Возможно ли превращение НАТО в центр сетевого взаимодействия в сфере безопасности? Для начала альянс должен завершить свою трансформацию, вектор которой пока не понятен. Трансформация в смысле "единения Запада", как это предлагается некоторыми, вызывает вопросы. Проблема имеет два среза.

Первый — будущее собственно НАТО. Предлагается укреплять дисциплину в альянсе, переформулировать в обязывающем ключе статью 5 Вашингтонского договора и ввести положение о применении дисциплинарных мер в отношении государств-членов, вплоть до исключения. Насколько это соответствует духу времени — судить самим членам альянса. Однако если еще более жесткая блоковая дисциплина будет подменять необходимость гармонизации интересов в современном мире, то, наверное, это будет затрагивать интересы и партнеров НАТО, включая Россию. Поскольку речь будет идти о все той же логике военных союзов.

Второе — это будущее исторического Запада. Должен ли он сохраняться на путях укрепления военно-политической дисциплины или должен стать чем-то более совместимым с остальным миром, включая участие в развитии регионального и субрегионального уровней глобального управления? Обратила на себя внимание статья Ю.Хатоямы в "Интернэшнл геральд трибюн" за 27 августа 2009 года, в которой новый премьер-министр Японии склоняется к приоритетности участия своей страны в региональной интеграции и создании региональных структур коллективной безопасности, в том числе как средству сохранения своей самобытности, являющейся важнейшим элементом национального бытия.

Тенденция к регионализации становится одной из ключевых в международных отношениях на современном этапе. Предположу, что эффективность ООН во многом будет зависеть от сильных региональных структур, которые брали бы на себя больше ответственности за положение дел в своих регионах, как это и предусмотрено Уставом Объединенных Наций. Тогда ООН сможет заниматься действительно глобальными вопросами в интересах всего мирового сообщества.

МИРООЩУЩЕНИЕ крайне важно потому, что лежит в основе внешнеполитической философии государств. Отсюда — остающиеся зазоры между ними в видении методов решения конкретных проблем, хотя в общих, принципиальных вопросах большинство государств все же сближаются. Если не будет движения навстречу друг другу на этом уровне, то конвергенция, слаживание будут тормозиться в силу устойчивости соответствующих установок, формировавшихся веками. Речь идет прежде всего о нетерпимости и связанной с этим склонности к силовому решению проблем.

Если присмотреться, то опыт религиозных войн, вызванных Реформацией, стал своего рода репетицией того, с чем столкнулась Европа в ХХ веке. Это подтверждает ту истину, что будущее "бросает свою тень задолго перед тем, как войти", как писала Анна Ахматова в своих воспоминаниях об А.Модильяни. "Нетерпимость и узколобый фанатизм" тех, кто "готов вывернуть мир наизнанку" во имя своих убеждений, хорошо исследовал Вальтер Скотт, в частности, в своих "Пуританах". Как и у любых апостолов новой веры, для них были характерны нетерпимость по отношению к инакомыслию и претензии на роль господствующей религии.
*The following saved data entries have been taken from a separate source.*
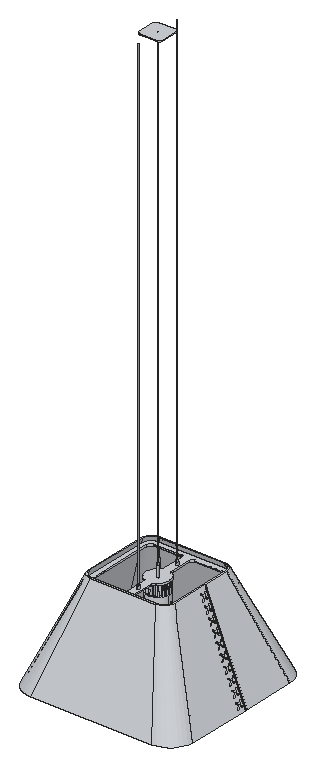
Revit family "BuzziSpace - BuzziShade - Square2", category Lighting Fixtures, host Ceiling, Revit 2019 (continued)
Definition of nested family "BuzziShade Square"
  Forms (in)
    Extrusion 1, solid, material <- "Lace", visible <- "Beam"
      sketch origin (-14.79872, 0, 0) x (0, -1, 0) y (0.379687, 0, 0.925115)
        loop
          line (0.43278, 14.41339) -> (-0.01265, 13.96797) -> (-0.45807, 14.41339)
          arc (-0.45807, 14.41339) -> (-0.54158, 14.41339) -> (-0.54158, 14.32987) r 0.05906
          line (-0.54158, 14.32987) -> (-0.09616, 13.88445) -> (-0.54158, 13.43903)
        loop
          arc (-0.54158, 15.25005) -> (-0.54158, 15.16654) -> (-0.45807, 15.16654) r 0.05906
          line (-0.45807, 15.16654) -> (-0.01265, 15.61196) -> (0.43278, 15.16654)
          arc (0.43278, 15.16654) -> (0.51629, 15.16654) -> (0.51629, 15.25005) r 0.05906
          line (0.51629, 15.25005) -> (0.07087, 15.69548) -> (0.51629, 16.1409)
          arc (0.51629, 16.1409) -> (0.51629, 16.22441) -> (0.43278, 16.22441) r 0.05906
          line (0.43278, 16.22441) -> (-0.01265, 15.77899) -> (-0.45807, 16.22441)
          arc (-0.45807, 16.22441) -> (-0.54158, 16.22441) -> (-0.54158, 16.1409) r 0.05906
          line (-0.54158, 16.1409) -> (-0.09616, 15.69548) -> (-0.54158, 15.25005)
        loop
          arc (-0.54158, 17.06108) -> (-0.54158, 16.97756) -> (-0.45807, 16.97756) r 0.05906
          line (-0.45807, 16.97756) -> (-0.01265, 17.42298) -> (0.43278, 16.97756)
          arc (0.43278, 16.97756) -> (0.51629, 16.97756) -> (0.51629, 17.06108) r 0.05906
          line (0.51629, 17.06108) -> (0.07087, 17.5065) -> (0.51629, 17.95192)
          arc (0.51629, 17.95192) -> (0.51629, 18.03544) -> (0.43278, 18.03544) r 0.05906
          line (0.43278, 18.03544) -> (-0.01265, 17.59002) -> (-0.45807, 18.03544)
          arc (-0.45807, 18.03544) -> (-0.54158, 18.03544) -> (-0.54158, 17.95192) r 0.05906
          line (-0.54158, 17.95192) -> (-0.09616, 17.5065) -> (-0.54158, 17.06108)
      from 0 to 0.125
    Blend 2, solid, material <- "Felt"
      base sketch origin (0, 0, 0) x (-1, 0, 0) y (0, -1, 0)
        loop
          line (14.79872, -10.73976) -> (14.79872, 10.73976)
          arc (14.79872, 10.73976) -> (13.62715, 13.56819) -> (10.79872, 14.73976) r 4
          line (10.79872, 14.73976) -> (0.0625, 14.73976) -> (0.0625, 14.48976) -> (10.79872, 14.48976)
          arc (10.79872, 14.48976) -> (13.45037, 13.39141) -> (14.54872, 10.73976) r 3.75
          line (14.54872, 10.73976) -> (14.54872, -10.73976)
          arc (14.54872, -10.73976) -> (13.45037, -13.39141) -> (10.79872, -14.48976) r 3.75
          line (10.79872, -14.48976) -> (0.0625, -14.48976) -> (0.0625, -14.73976) -> (10.79872, -14.73976)
          arc (10.79872, -14.73976) -> (13.62715, -13.56819) -> (14.79872, -10.73976) r 4
      top sketch origin (0, 0, 0) x (-1, 0, 0) y (0, -1, 0)
        loop
          line (7.65305, -5.74325) -> (7.65305, 5.74325)
          arc (7.65305, 5.74325) -> (7.10622, 7.06343) -> (5.78604, 7.61026) r 1.86701
          line (5.78604, 7.61026) -> (0.0625, 7.61026) -> (0.0625, 7.36026) -> (5.78604, 7.36026)
          arc (5.78604, 7.36026) -> (6.92944, 6.88665) -> (7.40305, 5.74325) r 1.61701
          line (7.40305, 5.74325) -> (7.40305, -5.74325)
          arc (7.40305, -5.74325) -> (6.92944, -6.88665) -> (5.78604, -7.36026) r 1.61701
          line (5.78604, -7.36026) -> (0.0625, -7.36026) -> (0.0625, -7.61026) -> (5.78604, -7.61026)
          arc (5.78604, -7.61026) -> (7.10622, -7.06343) -> (7.65305, -5.74325) r 1.86701
      from 0 to 17.41056
    Extrusion 3, solid, material <- "Frame"
      sketch origin (34.18353, -180, 16.53556) x (1, 0, 0) y (0, 1, 0)
        loop
          line (-34.83658, 182.43789) -> (-34.83658, 186.15357)
          arc (-34.83658, 186.15357) -> (-35.00695, 186.56489) -> (-35.41827, 186.73526) r 0.58169
          line (-35.41827, 186.73526) -> (-40.04918, 186.73526)
          arc (-40.04918, 186.73526) -> (-40.69434, 186.46803) -> (-40.96158, 185.82286) r 0.9124
          line (-40.96158, 185.82286) -> (-40.96158, 174.17714)
          arc (-40.96158, 174.17714) -> (-40.69434, 173.53197) -> (-40.04918, 173.26474) r 0.9124
          line (-40.04918, 173.26474) -> (-35.52069, 173.26474)
          arc (-35.52069, 173.26474) -> (-35.03695, 173.46511) -> (-34.83658, 173.94884) r 0.68411
          line (-34.83658, 173.94884) -> (-34.83658, 177.56211)
          arc (-34.83658, 177.56211) -> (-34.94207, 177.95581) -> (-35.23028, 178.24402) r 0.7874
          arc (-35.23028, 178.24402) -> (-36.2441, 180) -> (-35.23028, 181.75598) r 2.02763
          arc (-35.23028, 181.75598) -> (-34.94207, 182.04419) -> (-34.83658, 182.43789) r 0.7874
        loop
          line (-41.83658, 185.82286) -> (-41.83658, 174.17714)
          arc (-41.83658, 174.17714) -> (-41.31306, 172.91326) -> (-40.04918, 172.38974) r 1.7874
          line (-40.04918, 172.38974) -> (-34.24603, 172.38974) -> (-34.24603, 187.61026) -> (-40.04918, 187.61026)
          arc (-40.04918, 187.61026) -> (-41.31306, 187.08674) -> (-41.83658, 185.82286) r 1.7874
      from 0 to -0.25
    Extrusion 4, solid, material <- "Frame"
      sketch origin (0, 0, 0) x (-1, 0, 0) y (0, -1, 0)
        loop
          line (0.0625, 13.48976) -> (10.79872, 13.48976)
          arc (10.79872, 13.48976) -> (12.74326, 12.68431) -> (13.54872, 10.73976) r 2.75
          line (13.54872, 10.73976) -> (13.54872, -10.73976)
          arc (13.54872, -10.73976) -> (12.74326, -12.68431) -> (10.79872, -13.48976) r 2.75
          line (10.79872, -13.48976) -> (0.0625, -13.48976) -> (0.0625, -14.36476) -> (10.79872, -14.36476)
          arc (10.79872, -14.36476) -> (13.36198, -13.30302) -> (14.42372, -10.73976) r 3.625
          line (14.42372, -10.73976) -> (14.42372, 10.73976)
          arc (14.42372, 10.73976) -> (13.36198, 13.30302) -> (10.79872, 14.36476) r 3.625
          line (10.79872, 14.36476) -> (0.0625, 14.36476) -> (0.0625, 13.48976)
      from 0 to 0.25
    Extrusion 5, solid, material <- "Felt"
      sketch origin (0, 0, 0) x (0, 1, 0) y (0, 0, 1)
        loop
          line (7.36026, 17.41056) -> (14.48976, 0) -> (14.73976, 0) -> (7.61026, 17.41056) -> (7.36026, 17.41056)
        loop
          line (-7.36026, 17.41056) -> (-7.61026, 17.41056) -> (-14.73976, 0) -> (-14.48976, 0) -> (-7.36026, 17.41056)
      from -0.0625 to 0.0625
    Extrusion 6, solid, material <- "Frame"
      sketch origin (0, 0, 0) x (0, 1, 0) y (0, 0, 1)
        loop
          line (7.61026, 16.53556) -> (-7.61026, 16.53556) -> (-7.61026, 16.28556) -> (7.61026, 16.28556) -> (7.61026, 16.53556)
        loop
          line (14.36476, 0.25) -> (13.48976, 0.25) -> (13.48976, 0) -> (14.36476, 0) -> (14.36476, 0.25)
        loop
          line (-13.48976, 0.25) -> (-14.36476, 0.25) -> (-14.36476, 0) -> (-13.48976, 0) -> (-13.48976, 0.25)
      from -0.0625 to 0.0625
    Extrusion 7, void
      sketch origin (0, 0, 0) x (1, 0, 0) y (0, 1, 0)
        loop
          arc (-13.57776, 6.73526) -> (-13.98907, 6.56489) -> (-14.15945, 6.15357) r 0.58169
          line (-14.15945, 6.15357) -> (-14.15945, 2.43789)
          arc (-14.15945, 2.43789) -> (-14.05396, 2.04419) -> (-13.76575, 1.75598) r 0.7874
          arc (-13.76575, 1.75598) -> (-12.75193, 0) -> (-13.76575, -1.75598) r 2.02763
          arc (-13.76575, -1.75598) -> (-14.05396, -2.04419) -> (-14.15945, -2.43789) r 0.7874
          line (-14.15945, -2.43789) -> (-14.15945, -6.05116)
          arc (-14.15945, -6.05116) -> (-13.95908, -6.53489) -> (-13.47534, -6.73526) r 0.68411
          line (-13.47534, -6.73526) -> (-1.27466, -6.73526)
          arc (-1.27466, -6.73526) -> (-0.79092, -6.53489) -> (-0.59055, -6.05116) r 0.68411
          line (-0.59055, -6.05116) -> (-0.59055, -2.43789)
          arc (-0.59055, -2.43789) -> (-0.69604, -2.04419) -> (-0.98425, -1.75598) r 0.7874
          arc (-0.98425, -1.75598) -> (-1.99807, 0) -> (-0.98425, 1.75598) r 2.02763
          arc (-0.98425, 1.75598) -> (-0.69604, 2.04419) -> (-0.59055, 2.43789) r 0.7874
          line (-0.59055, 2.43789) -> (-0.59055, 6.15357)
          arc (-0.59055, 6.15357) -> (-0.76093, 6.56489) -> (-1.17224, 6.73526) r 0.58169
          line (-1.17224, 6.73526) -> (-13.57776, 6.73526)
        loop
          arc (13.47534, -6.73526) -> (13.95908, -6.53489) -> (14.15945, -6.05116) r 0.68411
          line (14.15945, -6.05116) -> (14.15945, -2.43789)
          arc (14.15945, -2.43789) -> (14.05396, -2.04419) -> (13.76575, -1.75598) r 0.7874
          arc (13.76575, -1.75598) -> (12.75193, 0) -> (13.76575, 1.75598) r 2.02763
          arc (13.76575, 1.75598) -> (14.05396, 2.04419) -> (14.15945, 2.43789) r 0.7874
          line (14.15945, 2.43789) -> (14.15945, 6.15357)
          arc (14.15945, 6.15357) -> (13.98907, 6.56489) -> (13.57776, 6.73526) r 0.58169
          line (13.57776, 6.73526) -> (1.17224, 6.73526)
          arc (1.17224, 6.73526) -> (0.76093, 6.56489) -> (0.59055, 6.15357) r 0.58169
          line (0.59055, 6.15357) -> (0.59055, 2.43789)
          arc (0.59055, 2.43789) -> (0.69604, 2.04419) -> (0.98425, 1.75598) r 0.7874
          arc (0.98425, 1.75598) -> (1.99807, 0) -> (0.98425, -1.75598) r 2.02763
          arc (0.98425, -1.75598) -> (0.69604, -2.04419) -> (0.59055, -2.43789) r 0.7874
          line (0.59055, -2.43789) -> (0.59055, -6.05116)
          arc (0.59055, -6.05116) -> (0.79092, -6.53489) -> (1.27466, -6.73526) r 0.68411
          line (1.27466, -6.73526) -> (13.47534, -6.73526)
      from 18.03556 to 16.03556
    Extrusion 8, void
      sketch origin (-32.02609, -180, 12.22763) x (-0.925115, 0, 0.379687) y (0, -1, 0)
        loop
          line (-6.92779, -180.86327) -> (-6.99234, -180.86327) -> (-6.99234, -180.92696)
          arc (-6.99234, -180.92696) -> (-6.99436, -180.9703) -> (-7.00039, -181.01326) r 0.46698
          arc (-7.00039, -181.01326) -> (-7.01861, -181.03979) -> (-7.0505, -181.04418) r 0.03983
          line (-7.0505, -181.04418) -> (-7.08745, -181.03359) -> (-7.03035, -181.09272)
          arc (-7.03035, -181.09272) -> (-7.0022, -181.13606) -> (-6.99234, -181.18679) r 0.13542
          line (-6.99234, -181.18679) -> (-6.99234, -181.27062) -> (-6.92779, -181.27062) -> (-6.92779, -180.86327)
      from -11.42768 to 9.37766
    Extrusion 9, solid, material <- "Lace"
      sketch origin (14.79872, 0, 0) x (0, 1, 0) y (-0.379687, 0, 0.925115)
        loop
          line (0.54158, 0.76187) -> (0.09616, 1.20729) -> (0.54158, 1.65271)
          arc (0.54158, 1.65271) -> (0.54158, 1.73623) -> (0.45807, 1.73623) r 0.05906
          line (0.45807, 1.73623) -> (0.01265, 1.2908) -> (-0.43278, 1.73623)
          arc (-0.43278, 1.73623) -> (-0.51629, 1.73623) -> (-0.51629, 1.65271) r 0.05906
          line (-0.51629, 1.65271) -> (-0.07087, 1.20729) -> (-0.51629, 0.76187)
          arc (-0.51629, 0.76187) -> (-0.51629, 0.67835) -> (-0.43278, 0.67835) r 0.05906
          line (-0.43278, 0.67835) -> (0.01265, 1.12377) -> (0.45807, 0.67835)
          arc (0.45807, 0.67835) -> (0.54158, 0.67835) -> (0.54158, 0.76187) r 0.05906
        loop
          line (0.54158, 2.57289) -> (0.09616, 3.01831) -> (0.54158, 3.46373)
          arc (0.54158, 3.46373) -> (0.54158, 3.54725) -> (0.45807, 3.54725) r 0.05906
          line (0.45807, 3.54725) -> (0.01265, 3.10183) -> (-0.43278, 3.54725)
          arc (-0.43278, 3.54725) -> (-0.51629, 3.54725) -> (-0.51629, 3.46373) r 0.05906
          line (-0.51629, 3.46373) -> (-0.07087, 3.01831) -> (-0.51629, 2.57289)
          arc (-0.51629, 2.57289) -> (-0.51629, 2.48937) -> (-0.43278, 2.48937) r 0.05906
          line (-0.43278, 2.48937) -> (0.01265, 2.93479) -> (0.45807, 2.48937)
          arc (0.45807, 2.48937) -> (0.54158, 2.48937) -> (0.54158, 2.57289) r 0.05906
        loop
          line (0.54158, 4.38391) -> (0.09616, 4.82933) -> (0.54158, 5.27476)
          arc (0.54158, 5.27476) -> (0.54158, 5.35827) -> (0.45807, 5.35827) r 0.05906
          line (0.45807, 5.35827) -> (0.01265, 4.91285) -> (-0.43278, 5.35827)
          arc (-0.43278, 5.35827) -> (-0.51629, 5.35827) -> (-0.51629, 5.27476) r 0.05906
          line (-0.51629, 5.27476) -> (-0.07087, 4.82933) -> (-0.51629, 4.38391)
          arc (-0.51629, 4.38391) -> (-0.51629, 4.3004) -> (-0.43278, 4.3004) r 0.05906
          line (-0.43278, 4.3004) -> (0.01265, 4.74582) -> (0.45807, 4.3004)
          arc (0.45807, 4.3004) -> (0.54158, 4.3004) -> (0.54158, 4.38391) r 0.05906
        loop
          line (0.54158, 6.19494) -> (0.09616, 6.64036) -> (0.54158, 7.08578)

В утверждении своей замкнутости Запад не может идти по пути, как писал Вальтер Скотт, "высокомерных и самоуверенных людей, убежденных в том, что лоно спасения открыто только для них, тогда как все прочие, как бы ничтожны ни были между ними различия в исповедании, в действительности немногим лучше еретиков или язычников". Как это до боли знакомо! Такую нетерпимость продемонстрировала и Французская революция, да и российская тоже. Везде революция "поедала своих детей" во имя "чистоты веры". Это была наша общая беда, но и наше общее историческое наследие, которое, соответственно, необходимо преодолевать, "отрицать" сообща. В частности, нельзя недооценивать уроки европейской истории, включая урегулирование по итогам Английской революции, которое подвигло знаменитого романиста к выводу о необходимости "совместных усилий порядочных, благоразумных и обладающих чувством меры людей". Хотелось бы, чтобы оплаченный дорогой ценой исторический опыт Европы воплотился для всех нас в широкий, открытый взгляд на вещи.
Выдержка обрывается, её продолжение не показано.